Now I know most of us are usually working to lower the PH of our soaps from being to acidic. Usually adding something like citric acid to do so, which has worked well for me in the past as well. But from my understanding and experience, increasing the PH of a soap also increases its cleansing abilities. What is the suitable range for hand soaps? A PH of 9-10 is usually what I shoot for in all of my batches, but what would be the harm in going higher to 12 or even 13? What would one use to increase the PH, just increase the amount of LYE to the initial solution and limiting your superfat? Thanks in advance for any insightful advice! 8)


----------



## Saponista (Jan 12, 2015)

Very high pH will result in skin burns so I would be very careful with this experiment.


----------



## The Efficacious Gentleman (Jan 12, 2015)

Are you sure it's the pH itself that changes the cleansing, or the cleansing (from oil choice) that changes the pH?  In other words, are you taking an affect as a cause?


----------



## Susie (Jan 12, 2015)

cleangrip said:


> *Now I know most of us are usually working to lower the PH of our soaps from being to acidic.* Usually adding something like citric acid to do so, which has worked well for me in the past as well. But from my understanding and experience, increasing the PH of a soap also increases its cleansing abilities. What is the suitable range for hand soaps? A PH of 9-10 is usually what I shoot for in all of my batches, but what would be the harm in going higher to 12 or even 13? What would one use to increase the PH, just increase the amount of LYE to the initial solution and limiting your superfat? Thanks in advance for any insightful advice! 8)

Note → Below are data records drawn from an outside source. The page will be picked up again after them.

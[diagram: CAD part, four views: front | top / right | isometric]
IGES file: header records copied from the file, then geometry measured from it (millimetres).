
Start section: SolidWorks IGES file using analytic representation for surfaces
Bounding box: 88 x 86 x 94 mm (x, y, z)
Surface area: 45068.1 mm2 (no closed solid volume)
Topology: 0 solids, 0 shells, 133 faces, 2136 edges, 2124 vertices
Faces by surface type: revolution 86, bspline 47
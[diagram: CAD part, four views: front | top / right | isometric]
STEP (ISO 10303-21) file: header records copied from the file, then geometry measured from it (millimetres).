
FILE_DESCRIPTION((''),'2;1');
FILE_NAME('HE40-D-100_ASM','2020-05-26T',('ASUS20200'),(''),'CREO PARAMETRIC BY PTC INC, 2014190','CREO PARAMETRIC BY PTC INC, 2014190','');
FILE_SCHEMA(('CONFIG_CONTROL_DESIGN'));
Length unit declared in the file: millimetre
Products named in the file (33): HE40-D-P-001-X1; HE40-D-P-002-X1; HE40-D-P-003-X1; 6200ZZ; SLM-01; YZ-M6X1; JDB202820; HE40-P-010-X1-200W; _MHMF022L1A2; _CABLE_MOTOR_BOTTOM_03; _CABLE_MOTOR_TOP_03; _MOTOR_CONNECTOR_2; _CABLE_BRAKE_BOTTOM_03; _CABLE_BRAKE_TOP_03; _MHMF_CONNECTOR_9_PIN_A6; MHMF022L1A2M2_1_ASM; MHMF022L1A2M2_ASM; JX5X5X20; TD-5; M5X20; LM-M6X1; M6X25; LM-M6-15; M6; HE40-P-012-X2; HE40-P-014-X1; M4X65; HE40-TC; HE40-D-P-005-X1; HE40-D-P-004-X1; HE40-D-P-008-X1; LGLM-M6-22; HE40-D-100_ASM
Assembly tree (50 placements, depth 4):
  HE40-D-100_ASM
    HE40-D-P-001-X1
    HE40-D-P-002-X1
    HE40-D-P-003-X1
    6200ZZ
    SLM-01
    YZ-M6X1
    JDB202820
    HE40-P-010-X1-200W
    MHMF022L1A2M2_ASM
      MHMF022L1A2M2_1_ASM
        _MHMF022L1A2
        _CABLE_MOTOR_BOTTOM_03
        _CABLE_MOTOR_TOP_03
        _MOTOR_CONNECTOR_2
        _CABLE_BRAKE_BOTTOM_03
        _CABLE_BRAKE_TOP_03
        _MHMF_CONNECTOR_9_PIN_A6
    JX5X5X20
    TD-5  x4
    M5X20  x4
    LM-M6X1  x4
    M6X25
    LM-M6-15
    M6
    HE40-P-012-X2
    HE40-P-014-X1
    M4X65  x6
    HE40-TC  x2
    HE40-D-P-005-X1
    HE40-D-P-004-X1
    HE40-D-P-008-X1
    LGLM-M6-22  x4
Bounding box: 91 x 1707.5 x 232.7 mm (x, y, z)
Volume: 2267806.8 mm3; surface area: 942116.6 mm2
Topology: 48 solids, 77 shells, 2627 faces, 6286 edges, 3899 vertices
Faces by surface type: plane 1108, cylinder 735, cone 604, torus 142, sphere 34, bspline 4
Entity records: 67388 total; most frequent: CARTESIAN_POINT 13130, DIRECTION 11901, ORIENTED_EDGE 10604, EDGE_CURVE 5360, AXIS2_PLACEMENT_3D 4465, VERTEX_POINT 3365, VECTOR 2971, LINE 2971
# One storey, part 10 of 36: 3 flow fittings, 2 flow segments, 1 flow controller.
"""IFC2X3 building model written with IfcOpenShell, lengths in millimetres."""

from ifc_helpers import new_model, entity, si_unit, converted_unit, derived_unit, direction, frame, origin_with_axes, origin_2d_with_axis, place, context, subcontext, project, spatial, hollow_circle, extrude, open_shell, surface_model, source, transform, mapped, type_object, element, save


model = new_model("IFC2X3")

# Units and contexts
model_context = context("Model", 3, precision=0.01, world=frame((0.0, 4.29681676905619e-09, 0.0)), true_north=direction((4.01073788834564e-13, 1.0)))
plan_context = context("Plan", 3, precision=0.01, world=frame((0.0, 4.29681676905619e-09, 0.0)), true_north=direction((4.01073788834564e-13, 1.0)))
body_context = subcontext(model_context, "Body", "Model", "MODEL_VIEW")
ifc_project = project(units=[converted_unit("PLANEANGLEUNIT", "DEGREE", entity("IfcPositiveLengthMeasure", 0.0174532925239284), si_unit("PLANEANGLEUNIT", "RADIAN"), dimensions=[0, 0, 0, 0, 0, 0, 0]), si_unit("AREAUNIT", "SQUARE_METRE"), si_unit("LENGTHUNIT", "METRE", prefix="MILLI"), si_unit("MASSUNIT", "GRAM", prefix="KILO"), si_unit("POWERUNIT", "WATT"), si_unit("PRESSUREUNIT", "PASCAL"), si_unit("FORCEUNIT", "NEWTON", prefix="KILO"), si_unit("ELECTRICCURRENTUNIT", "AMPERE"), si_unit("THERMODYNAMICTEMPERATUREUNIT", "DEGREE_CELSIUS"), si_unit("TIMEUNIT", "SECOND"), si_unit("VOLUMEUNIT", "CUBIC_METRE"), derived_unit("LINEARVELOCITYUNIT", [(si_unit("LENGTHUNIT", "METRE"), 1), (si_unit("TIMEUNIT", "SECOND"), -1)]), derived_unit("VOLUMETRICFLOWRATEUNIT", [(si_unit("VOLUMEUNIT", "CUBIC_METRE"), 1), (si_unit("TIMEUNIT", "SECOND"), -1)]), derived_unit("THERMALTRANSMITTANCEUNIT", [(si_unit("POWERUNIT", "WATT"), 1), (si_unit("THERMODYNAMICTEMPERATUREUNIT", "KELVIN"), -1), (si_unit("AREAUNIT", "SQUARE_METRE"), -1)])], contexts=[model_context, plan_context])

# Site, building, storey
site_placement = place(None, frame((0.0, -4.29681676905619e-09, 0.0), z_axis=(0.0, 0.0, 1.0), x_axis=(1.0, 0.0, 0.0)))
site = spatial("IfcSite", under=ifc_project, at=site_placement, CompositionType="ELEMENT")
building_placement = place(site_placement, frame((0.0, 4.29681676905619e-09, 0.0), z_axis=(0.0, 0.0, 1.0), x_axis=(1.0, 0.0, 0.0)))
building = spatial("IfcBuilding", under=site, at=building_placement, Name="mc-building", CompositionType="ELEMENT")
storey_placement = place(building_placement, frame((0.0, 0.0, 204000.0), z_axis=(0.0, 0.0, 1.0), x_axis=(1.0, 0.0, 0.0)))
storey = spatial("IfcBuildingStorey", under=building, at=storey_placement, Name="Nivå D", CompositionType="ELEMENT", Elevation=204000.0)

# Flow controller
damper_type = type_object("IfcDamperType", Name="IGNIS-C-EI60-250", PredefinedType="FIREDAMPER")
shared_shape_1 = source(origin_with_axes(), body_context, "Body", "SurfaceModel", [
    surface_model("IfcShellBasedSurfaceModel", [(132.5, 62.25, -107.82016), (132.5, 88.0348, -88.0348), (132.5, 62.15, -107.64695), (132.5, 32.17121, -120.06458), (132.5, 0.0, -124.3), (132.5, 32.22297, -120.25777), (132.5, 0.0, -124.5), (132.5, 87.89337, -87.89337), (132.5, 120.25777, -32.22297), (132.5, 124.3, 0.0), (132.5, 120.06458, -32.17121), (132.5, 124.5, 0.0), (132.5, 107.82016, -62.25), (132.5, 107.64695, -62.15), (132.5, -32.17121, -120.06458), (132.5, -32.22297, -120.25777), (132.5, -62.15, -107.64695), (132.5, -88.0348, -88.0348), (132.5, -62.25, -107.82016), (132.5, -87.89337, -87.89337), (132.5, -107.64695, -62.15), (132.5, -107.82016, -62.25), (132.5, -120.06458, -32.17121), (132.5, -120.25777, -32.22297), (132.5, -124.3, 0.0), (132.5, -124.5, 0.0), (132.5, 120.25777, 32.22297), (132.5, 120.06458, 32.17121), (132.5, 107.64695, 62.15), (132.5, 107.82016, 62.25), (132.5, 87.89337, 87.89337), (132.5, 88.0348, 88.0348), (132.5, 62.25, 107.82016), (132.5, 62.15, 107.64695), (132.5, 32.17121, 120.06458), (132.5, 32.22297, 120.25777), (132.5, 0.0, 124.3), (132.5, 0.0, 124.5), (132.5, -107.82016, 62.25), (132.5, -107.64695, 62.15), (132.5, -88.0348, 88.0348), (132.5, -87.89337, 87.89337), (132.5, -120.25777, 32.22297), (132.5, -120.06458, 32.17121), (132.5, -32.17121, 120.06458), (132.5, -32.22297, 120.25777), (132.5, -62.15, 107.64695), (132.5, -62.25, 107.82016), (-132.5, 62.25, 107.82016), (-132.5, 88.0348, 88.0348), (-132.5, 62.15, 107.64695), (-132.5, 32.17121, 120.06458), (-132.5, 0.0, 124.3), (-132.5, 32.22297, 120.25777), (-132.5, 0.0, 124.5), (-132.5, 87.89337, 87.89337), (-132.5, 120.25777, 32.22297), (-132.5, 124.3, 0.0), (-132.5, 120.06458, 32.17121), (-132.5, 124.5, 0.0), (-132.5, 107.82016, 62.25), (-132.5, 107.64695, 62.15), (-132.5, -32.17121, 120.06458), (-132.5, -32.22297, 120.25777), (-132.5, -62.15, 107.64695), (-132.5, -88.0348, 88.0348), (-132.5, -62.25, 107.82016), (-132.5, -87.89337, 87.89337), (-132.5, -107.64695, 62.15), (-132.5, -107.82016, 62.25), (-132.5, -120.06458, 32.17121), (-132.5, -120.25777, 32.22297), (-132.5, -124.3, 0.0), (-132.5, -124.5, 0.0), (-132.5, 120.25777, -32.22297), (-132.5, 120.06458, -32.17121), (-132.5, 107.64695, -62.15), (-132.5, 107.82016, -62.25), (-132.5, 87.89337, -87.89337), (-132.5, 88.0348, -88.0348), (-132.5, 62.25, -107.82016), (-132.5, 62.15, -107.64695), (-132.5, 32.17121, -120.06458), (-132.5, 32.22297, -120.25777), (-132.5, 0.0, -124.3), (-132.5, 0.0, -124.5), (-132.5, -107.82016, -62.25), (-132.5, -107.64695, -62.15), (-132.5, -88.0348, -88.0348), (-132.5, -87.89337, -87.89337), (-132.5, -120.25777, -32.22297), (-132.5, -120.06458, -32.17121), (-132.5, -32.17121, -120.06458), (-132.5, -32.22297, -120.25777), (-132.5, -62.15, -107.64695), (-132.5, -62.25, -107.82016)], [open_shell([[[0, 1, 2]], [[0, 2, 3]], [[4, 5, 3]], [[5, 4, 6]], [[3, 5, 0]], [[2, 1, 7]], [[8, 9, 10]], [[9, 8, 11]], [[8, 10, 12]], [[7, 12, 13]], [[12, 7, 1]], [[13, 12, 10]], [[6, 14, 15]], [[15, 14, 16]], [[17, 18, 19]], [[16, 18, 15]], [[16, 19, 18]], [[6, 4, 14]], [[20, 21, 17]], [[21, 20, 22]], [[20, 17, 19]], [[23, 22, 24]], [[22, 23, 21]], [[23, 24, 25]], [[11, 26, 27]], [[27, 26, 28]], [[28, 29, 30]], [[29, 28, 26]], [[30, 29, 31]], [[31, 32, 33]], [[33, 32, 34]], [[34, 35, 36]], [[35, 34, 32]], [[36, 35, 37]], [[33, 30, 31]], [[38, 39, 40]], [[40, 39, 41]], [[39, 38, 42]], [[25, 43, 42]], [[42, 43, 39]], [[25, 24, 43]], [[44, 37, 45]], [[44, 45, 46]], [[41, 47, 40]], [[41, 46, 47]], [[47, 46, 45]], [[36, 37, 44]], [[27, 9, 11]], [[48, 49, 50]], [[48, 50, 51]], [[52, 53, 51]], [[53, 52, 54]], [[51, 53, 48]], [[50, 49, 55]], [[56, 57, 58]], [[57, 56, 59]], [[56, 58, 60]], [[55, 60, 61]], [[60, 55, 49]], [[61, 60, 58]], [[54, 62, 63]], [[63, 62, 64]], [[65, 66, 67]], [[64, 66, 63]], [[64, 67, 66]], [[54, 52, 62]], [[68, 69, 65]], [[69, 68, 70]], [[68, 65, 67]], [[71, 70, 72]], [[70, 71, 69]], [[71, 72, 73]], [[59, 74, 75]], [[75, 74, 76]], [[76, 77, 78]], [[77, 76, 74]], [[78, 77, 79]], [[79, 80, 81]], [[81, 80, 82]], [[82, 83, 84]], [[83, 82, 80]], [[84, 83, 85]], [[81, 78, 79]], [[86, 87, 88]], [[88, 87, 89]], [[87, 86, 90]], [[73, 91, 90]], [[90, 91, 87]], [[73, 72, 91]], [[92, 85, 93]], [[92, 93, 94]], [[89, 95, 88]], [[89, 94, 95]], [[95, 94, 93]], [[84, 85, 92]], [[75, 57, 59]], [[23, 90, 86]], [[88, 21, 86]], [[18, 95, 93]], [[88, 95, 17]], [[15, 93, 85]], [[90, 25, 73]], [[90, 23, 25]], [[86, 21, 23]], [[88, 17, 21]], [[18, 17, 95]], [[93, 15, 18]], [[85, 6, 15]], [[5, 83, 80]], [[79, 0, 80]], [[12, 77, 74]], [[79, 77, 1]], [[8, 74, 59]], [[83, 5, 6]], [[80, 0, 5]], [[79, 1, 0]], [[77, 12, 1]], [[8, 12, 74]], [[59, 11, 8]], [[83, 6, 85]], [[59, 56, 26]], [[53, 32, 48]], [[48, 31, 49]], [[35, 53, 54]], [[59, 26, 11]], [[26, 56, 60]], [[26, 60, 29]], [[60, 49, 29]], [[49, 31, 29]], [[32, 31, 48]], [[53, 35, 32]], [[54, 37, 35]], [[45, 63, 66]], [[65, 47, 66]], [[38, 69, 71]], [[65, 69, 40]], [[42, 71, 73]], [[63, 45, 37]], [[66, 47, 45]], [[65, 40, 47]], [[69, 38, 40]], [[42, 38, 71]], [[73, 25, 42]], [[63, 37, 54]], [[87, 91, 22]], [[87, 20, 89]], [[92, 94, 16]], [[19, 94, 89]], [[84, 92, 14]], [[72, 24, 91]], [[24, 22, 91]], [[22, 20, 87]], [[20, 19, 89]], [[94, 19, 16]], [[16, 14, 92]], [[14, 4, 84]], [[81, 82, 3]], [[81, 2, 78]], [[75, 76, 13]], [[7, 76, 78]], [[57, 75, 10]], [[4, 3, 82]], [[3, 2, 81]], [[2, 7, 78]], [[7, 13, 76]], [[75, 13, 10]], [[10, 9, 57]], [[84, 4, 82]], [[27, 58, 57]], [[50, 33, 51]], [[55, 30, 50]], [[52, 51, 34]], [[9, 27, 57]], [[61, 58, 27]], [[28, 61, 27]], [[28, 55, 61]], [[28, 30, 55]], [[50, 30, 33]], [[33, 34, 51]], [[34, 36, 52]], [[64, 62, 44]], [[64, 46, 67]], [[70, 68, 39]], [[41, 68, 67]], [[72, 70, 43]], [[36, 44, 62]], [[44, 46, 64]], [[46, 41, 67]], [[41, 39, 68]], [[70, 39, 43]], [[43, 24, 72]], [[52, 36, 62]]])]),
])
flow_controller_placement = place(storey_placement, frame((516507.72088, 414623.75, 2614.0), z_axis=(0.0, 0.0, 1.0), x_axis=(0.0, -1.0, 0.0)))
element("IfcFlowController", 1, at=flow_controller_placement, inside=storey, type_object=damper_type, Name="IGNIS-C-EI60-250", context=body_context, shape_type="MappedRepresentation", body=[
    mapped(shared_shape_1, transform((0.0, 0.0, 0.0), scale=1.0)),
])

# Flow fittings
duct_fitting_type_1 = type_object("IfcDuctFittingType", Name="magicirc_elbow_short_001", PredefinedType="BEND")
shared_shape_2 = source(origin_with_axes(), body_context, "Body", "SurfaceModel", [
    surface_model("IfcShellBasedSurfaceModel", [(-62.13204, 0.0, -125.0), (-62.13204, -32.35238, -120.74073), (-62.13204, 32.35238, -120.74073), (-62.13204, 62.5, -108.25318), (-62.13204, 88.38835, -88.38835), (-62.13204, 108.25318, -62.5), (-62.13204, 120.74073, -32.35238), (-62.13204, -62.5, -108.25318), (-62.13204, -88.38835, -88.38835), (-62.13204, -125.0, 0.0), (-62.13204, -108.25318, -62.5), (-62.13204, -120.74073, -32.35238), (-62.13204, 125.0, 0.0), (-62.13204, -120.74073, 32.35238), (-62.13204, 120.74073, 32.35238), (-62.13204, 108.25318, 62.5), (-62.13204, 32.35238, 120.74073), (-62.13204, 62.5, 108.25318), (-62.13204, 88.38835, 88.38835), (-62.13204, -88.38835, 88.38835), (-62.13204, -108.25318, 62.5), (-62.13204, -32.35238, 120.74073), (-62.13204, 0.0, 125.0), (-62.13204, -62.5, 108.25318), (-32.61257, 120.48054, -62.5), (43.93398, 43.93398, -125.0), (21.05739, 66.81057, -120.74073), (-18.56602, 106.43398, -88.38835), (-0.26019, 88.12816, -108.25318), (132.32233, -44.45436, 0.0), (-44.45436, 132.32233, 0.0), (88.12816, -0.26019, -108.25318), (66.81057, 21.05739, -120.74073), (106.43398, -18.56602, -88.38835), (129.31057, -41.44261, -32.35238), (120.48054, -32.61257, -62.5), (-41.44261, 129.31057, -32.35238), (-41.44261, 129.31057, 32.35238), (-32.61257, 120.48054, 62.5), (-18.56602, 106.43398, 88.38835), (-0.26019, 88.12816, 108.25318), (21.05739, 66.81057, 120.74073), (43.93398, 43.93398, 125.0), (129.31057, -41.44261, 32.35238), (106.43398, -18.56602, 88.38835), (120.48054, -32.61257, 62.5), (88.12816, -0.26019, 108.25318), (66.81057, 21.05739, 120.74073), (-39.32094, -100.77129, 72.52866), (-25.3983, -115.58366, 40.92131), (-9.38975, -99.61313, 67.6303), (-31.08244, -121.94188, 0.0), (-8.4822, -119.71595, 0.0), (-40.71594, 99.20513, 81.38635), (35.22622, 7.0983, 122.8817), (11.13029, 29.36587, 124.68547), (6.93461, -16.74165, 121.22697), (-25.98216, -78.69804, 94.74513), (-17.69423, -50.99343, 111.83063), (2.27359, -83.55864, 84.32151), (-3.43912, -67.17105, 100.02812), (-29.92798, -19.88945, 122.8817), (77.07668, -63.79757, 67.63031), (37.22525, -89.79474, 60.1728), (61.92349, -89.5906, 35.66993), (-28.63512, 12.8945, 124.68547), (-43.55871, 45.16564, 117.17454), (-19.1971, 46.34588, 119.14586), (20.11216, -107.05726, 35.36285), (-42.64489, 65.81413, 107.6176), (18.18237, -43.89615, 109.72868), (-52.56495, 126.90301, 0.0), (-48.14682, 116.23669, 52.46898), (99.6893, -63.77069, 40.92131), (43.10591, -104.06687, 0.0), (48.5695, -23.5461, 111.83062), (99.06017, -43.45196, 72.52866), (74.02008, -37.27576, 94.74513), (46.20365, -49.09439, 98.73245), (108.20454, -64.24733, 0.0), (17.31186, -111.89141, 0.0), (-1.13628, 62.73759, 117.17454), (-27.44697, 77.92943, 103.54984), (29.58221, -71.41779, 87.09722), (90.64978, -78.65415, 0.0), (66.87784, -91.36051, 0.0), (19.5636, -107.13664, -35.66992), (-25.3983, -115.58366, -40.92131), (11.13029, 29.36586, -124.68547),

First, people are lowering the pH from being too alkaline(opposite of acidic.)  Too high a pH can damage skin and hair.  It is not safe.  It will also result in dry, tight skin that no one appreciates.  

Like Craig said, more than pH affects cleansing.  I use 100% coconut oil paste to clean bathrooms, dishes, stove, etc.  The pH is low enough to not zap me, and it cleans well.  I do wear gloves with it, though, because it just dries my hands out like no-body's business.


----------



## DeeAnna (Jan 12, 2015)

"...What would one use to increase the PH, just increase the amount of LYE to the initial solution and limiting your superfat?..."

If by "increase the initial amount of lye to the initial solution" means to use a more concentrated lye solution (say 40% NaOH rather than 28%), all that does is increase the rate of saponification. Limiting superfat doesn't work either. I've made soaps with as much as 40% too much lye. While these soaps were certainly high pH soaps for awhile, they were zap free soap after a couple of months. It's the nature of soap to reach a pH that is natural for it and stay there.

What is the harm of having excess lye in a hand soap? Sensitive, itchy, burning sensation. Redness, roughness, cracking. Eventually dermatitis or possibly chemical burns.

When I'm not playing mad scientist and instead am making soap for regular use in my home, I want to make a nicely formulated soap that has a pH normal for that particular blend of fats. If it's a laundry soap, I limit the superfat to prevent any excess fats in the finished soap (NOT to adjust the pH!) and I use a lot of coconut oil for fast dissolving and strong cleansing ability. If it's a bath soap, I formulate a soap that lathers well, is mild and safe for the skin, lasts a reasonably long time, and looks and smells nice. 

***

For the record, adding citric acid does NOT lower pH UNLESS there is excess lye present. If there is no excess lye present, then the soap breaks down into fatty acids, releasing OH- ions to react with the H+ ions released by the acid. The pH remains stable as long as this fatty acid breakdown is going on. Keeping the pH stable despite the addition of acid or base is normal behavior for what's called a "buffered" system. That's what soap is -- it acts as a buffer.

Up to a point, this breakdown in a bar soap from soap to fatty acid is not perceptible to the user, but it's there. If enough acid is added, a bar soap will become soft, mushy, and greasy feeling. In a liquid soap, the breakdown is unmistakable -- there will be a layer of fatty acid floating on top of the soap.


----------



## cleangrip (Jan 20, 2015)

Thank you everyone for the replies! I based my knowledge of this article where it states in the lower portion:
http://www.newton.dep.anl.gov/askasci/chem00/chem00704.htm

"For body soap, a pH from 5 to 8 should be mild to skin. Higher pH values generally mean better cleaning of greasy and/or oily soils. A pH from about 8 to 10 seems fairly optimal for hand soap. If the soap is for laundry, a pH of 10 to 12 is acceptable"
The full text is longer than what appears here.